When my family left the farm, I kept looking for more understanding about Native American life and peoples. No matter where we lived, I searched out classes. One university counselor, after looking at my many transcripts, asked if I was on the “Western Tour of Colleges.” Eventually, I found myself in graduate school at UCLA in the American Indian Studies department.

I have had many jobs in my life, classroom teacher, secretary, writer, genealogist, antiques dealer, desktop publisher, and even a nurse’s aide. However, working at the National Archives has been one of my favorites. There are nearly forty thousand cubic feet of original records in the room next to my office and I can search them any time I want. Seven thousand of those cubic feet contain Bureau of Indian Affairs records. I have the privilege of supervising students and volunteers who want to know how to search those records as well. My students and I have discovered countless historical facts not known by anyone before we stumbled upon them in the Archives. For us, the thrill of each new discovery is very much like walking on the moon.

Even as a graduate student, I was enamored with the endless possibilities lying in the gray acidfree boxes in the back of the Archives. At that time I discovered that by 1911 thousands of Cherokee Indians lived in 48 states and seven foreign countries, including what was then Syria (Buswell).

The Archives is all about exploration and discovery. One of my students discovered that the Bonneville Dam on the Columbia River between Oregon and Washington might have turned out to look like a sculpture of Paul Bunyan and his ox, Babe, had they not run short of funds. The records held schematics, drawings, and a photographed copy of a smallscale sculpture of Paul and his ox. We have many stories like this. The Archives stores the “permanent” records of the federal government. These are mostly papers from the desk files of government employees and administrators. Most of these records have not been touched for a hundred years or more.

4Photographs of the sketch and model of the proposed dam can be seen at Bonneville Office Correspondence and Reports, 1933-1940; Second Portland District Office; Records of the Office of the Chief of Engineers (RG 77)
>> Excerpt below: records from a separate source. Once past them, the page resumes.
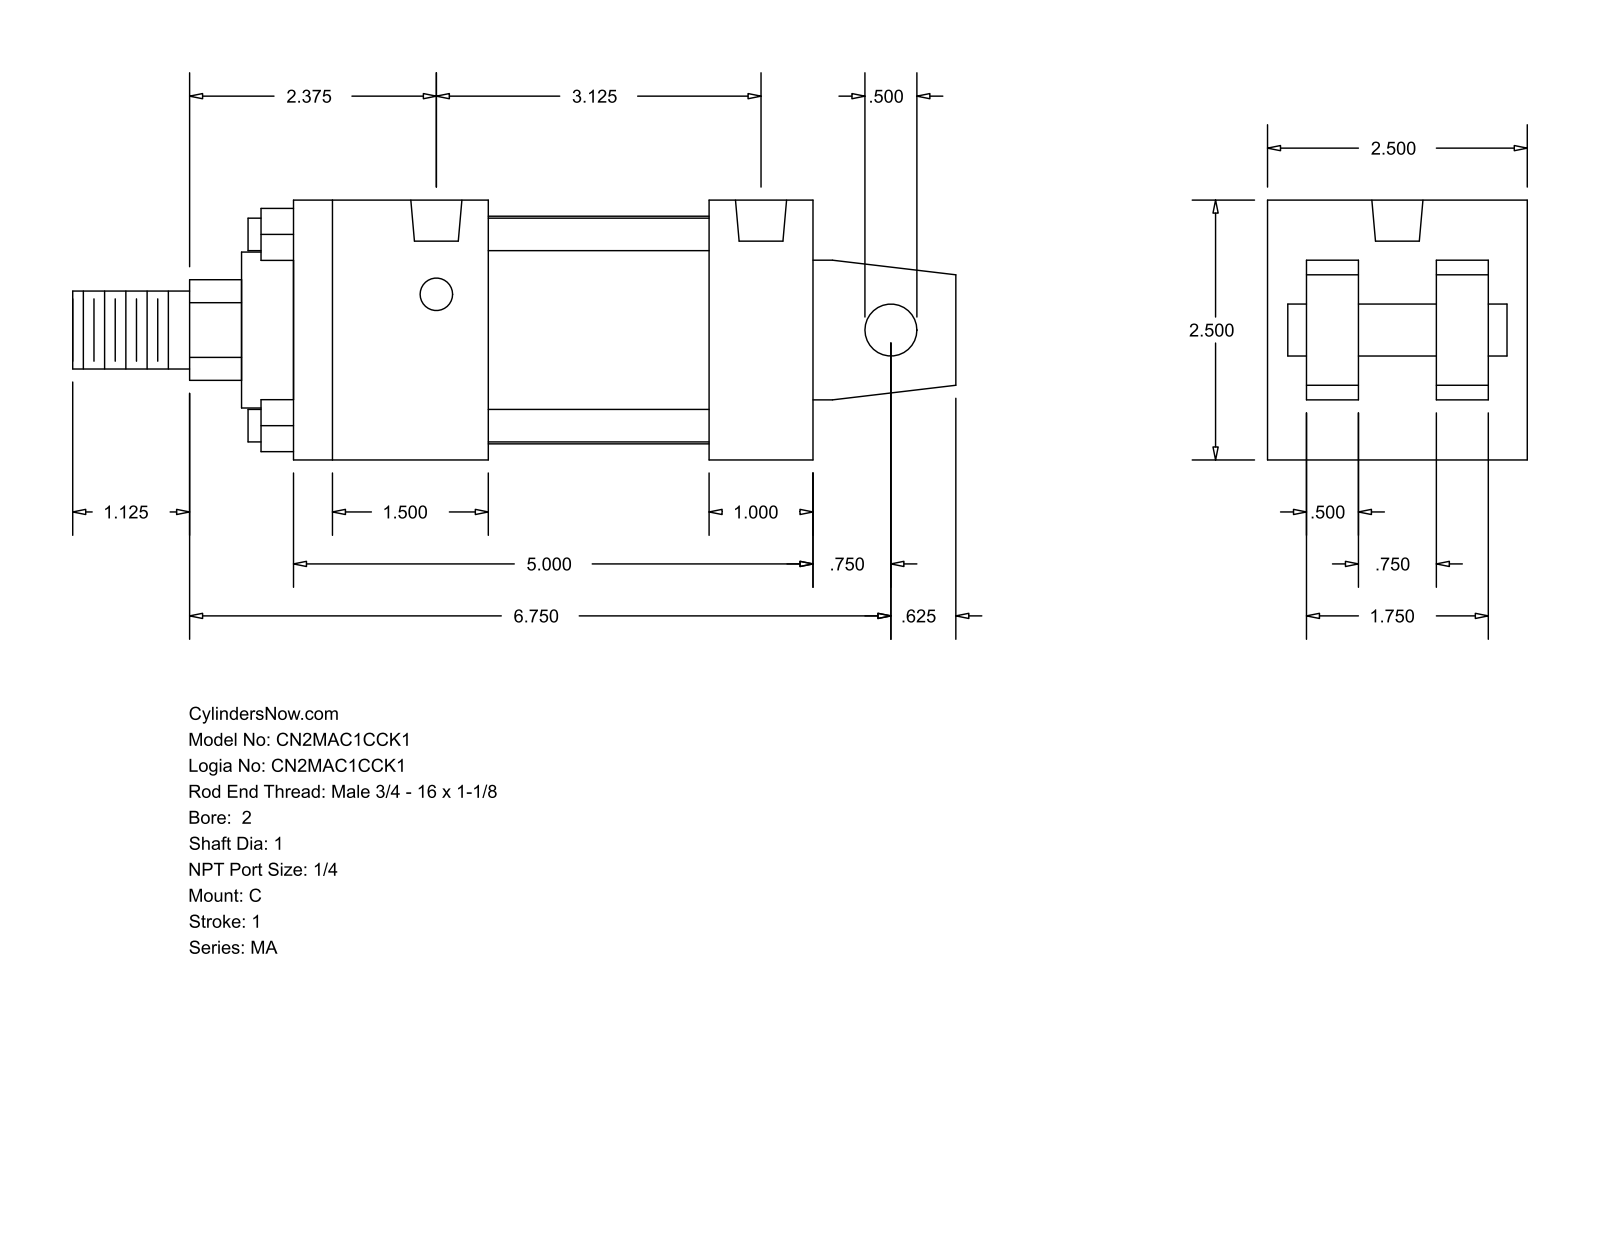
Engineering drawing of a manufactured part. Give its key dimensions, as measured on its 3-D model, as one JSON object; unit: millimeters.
{"part_name": "MA_C__0200_1", "step_written_by": "GSSL Pune (CONFIG_CONTROL_DESIGN)", "units": "millimeters", "bodies": {"solids": 0, "faces": 103, "planar": 76, "cylindrical": 27, "other": 0}, "overall_size": [215.9, 63.5, 63.5], "round_holes": [[7.94, 4], [12.49, 2]], "round_bosses_or_shafts": [[7.94, 4], [55.63, 1], [38.1, 1], [25.4, 1], [19.05, 1], [12.7, 1]], "partial_cylinders_radius": [[12.29, 1]], "face_to_face_distances": [63.5, 12.7, 127, 22.22, 41.28, 9.52, 53.98, 31.76, 53.97, 101.6], "hole_center_spacings": [79.37]}
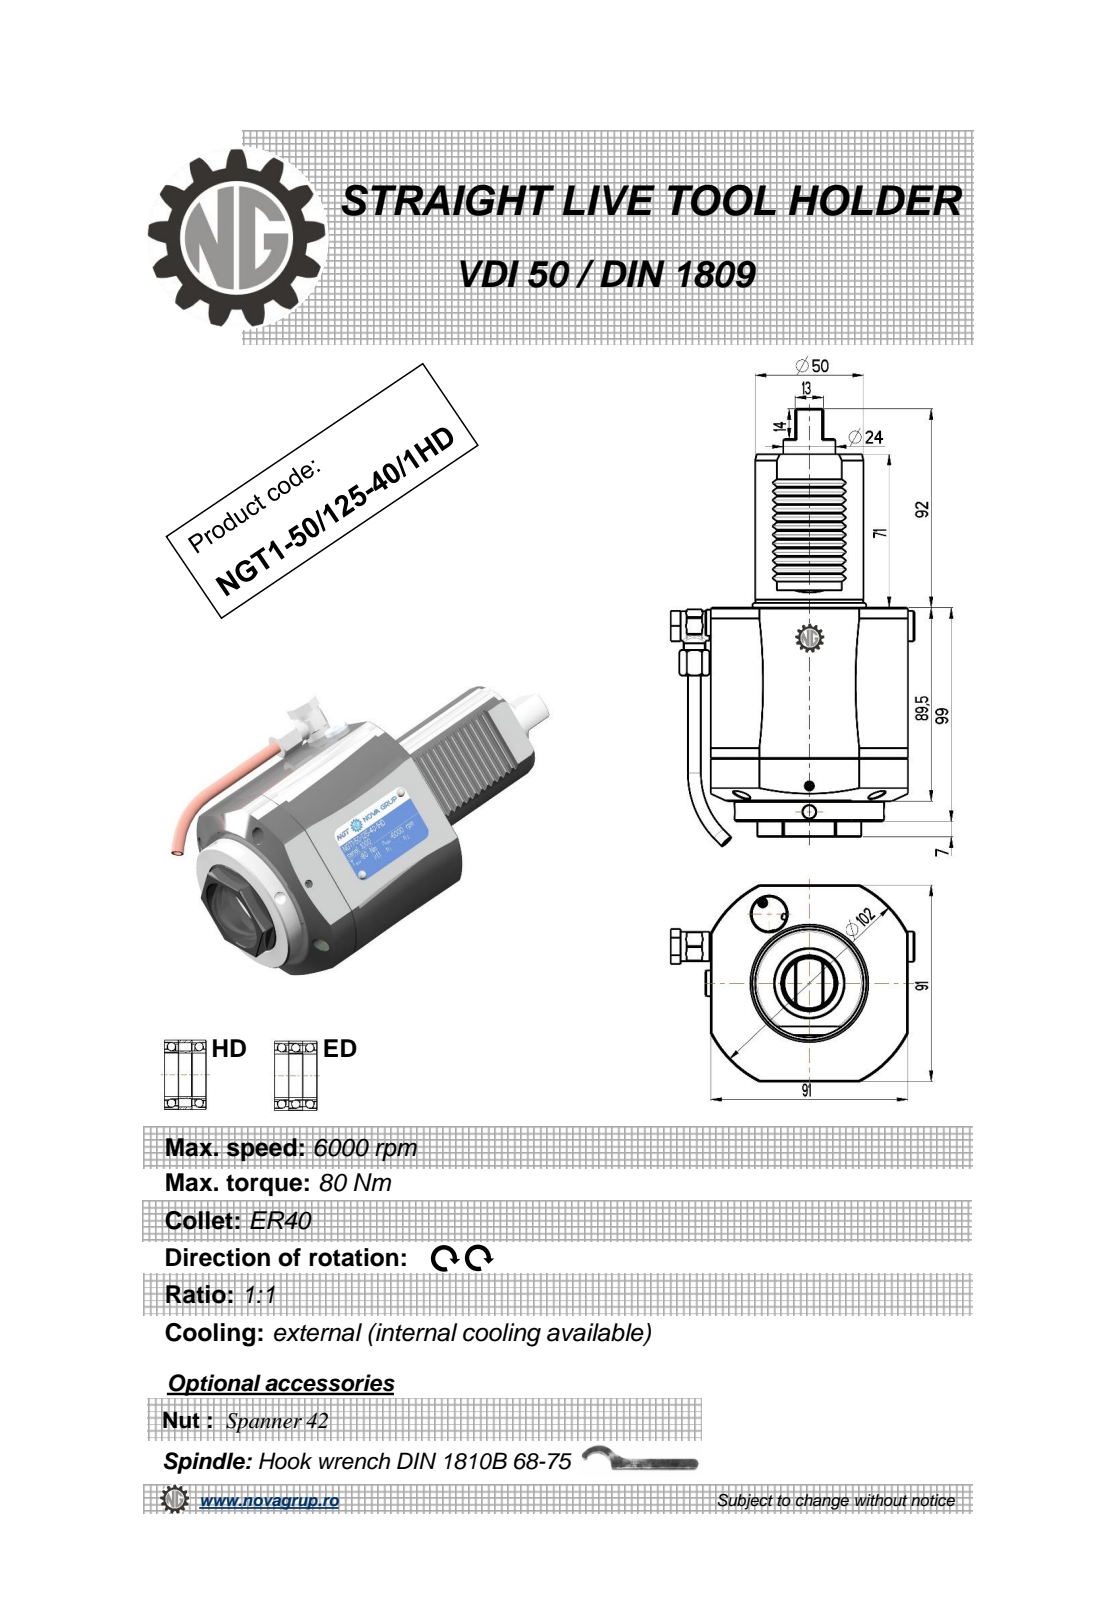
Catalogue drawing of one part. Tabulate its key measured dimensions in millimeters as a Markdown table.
| quantity | value |
| --- | --- |
| part name | NGT1_50_125_40_3HD |
| STEP written by | PRO/ENGINEER BY PARAMETRIC TECHNOLOGY CORPORATION, 2010280 (CONFIG_CONTROL_DESIGN) |
| units | millimeters |
| bodies | 1 solid, 363 faces (149 planar, 102 cylindrical, 112 other) |
| overall size | 202.44 × 112.4 × 91 |
| volume | 830 326 mm³ |
| surface area | 66 673 mm² |
| round holes (diameter × count) | 4 × 3, 6 × 2, 3 × 1, 6.2 × 1, 9 × 1, 10 × 1, 11 × 1, 36.2 × 1, 42 × 1 |
| round bosses / shafts (diameter × count) | 6 × 2, 69 × 1, 50 × 1, 24 × 1, 14 × 1, 13.6 × 1, 13 × 1, 12 × 1 |
| partial cylindrical surfaces (radius × count) | 0.3 × 12, 0.41 × 6, 0.5 × 4, 0.8 × 2, 6.25 × 1, 7.7 × 1, 24 × 1, 51 × 1 |
| main face-to-face distances | 91, 89.5, 9.5, 99, 170, 160.5, 71, 2.83, 14.14, 11.31 |
| hole center spacings | 0.4, 55.66, 56.04, 87.66 |

I find it a great honor to be invited to participate in the production of the Honoring Tribal Legacies Handbook with such an esteemed group of scholars. I especially love sitting in a circle with them, listening to both ancient and modern oral histories, and being enveloped by their wonderful, infectious humor. I love to feel the special spirit that nearly always attends. I always feel honored to be invited to any gathering. I never feel out of place for very long. I usually talk too much and sometimes embarrass myself by saying really stupid things, but the group is always respectful. Their respect for individual diversity is obvious and palpable. I hope to become a little more like them every day. In my opinion, what we all need is respect for who we are, what we believe, and what we know. We need to seek for an understanding that reaches beyond our own experience, and to love our differences as much as we delight in our similarities.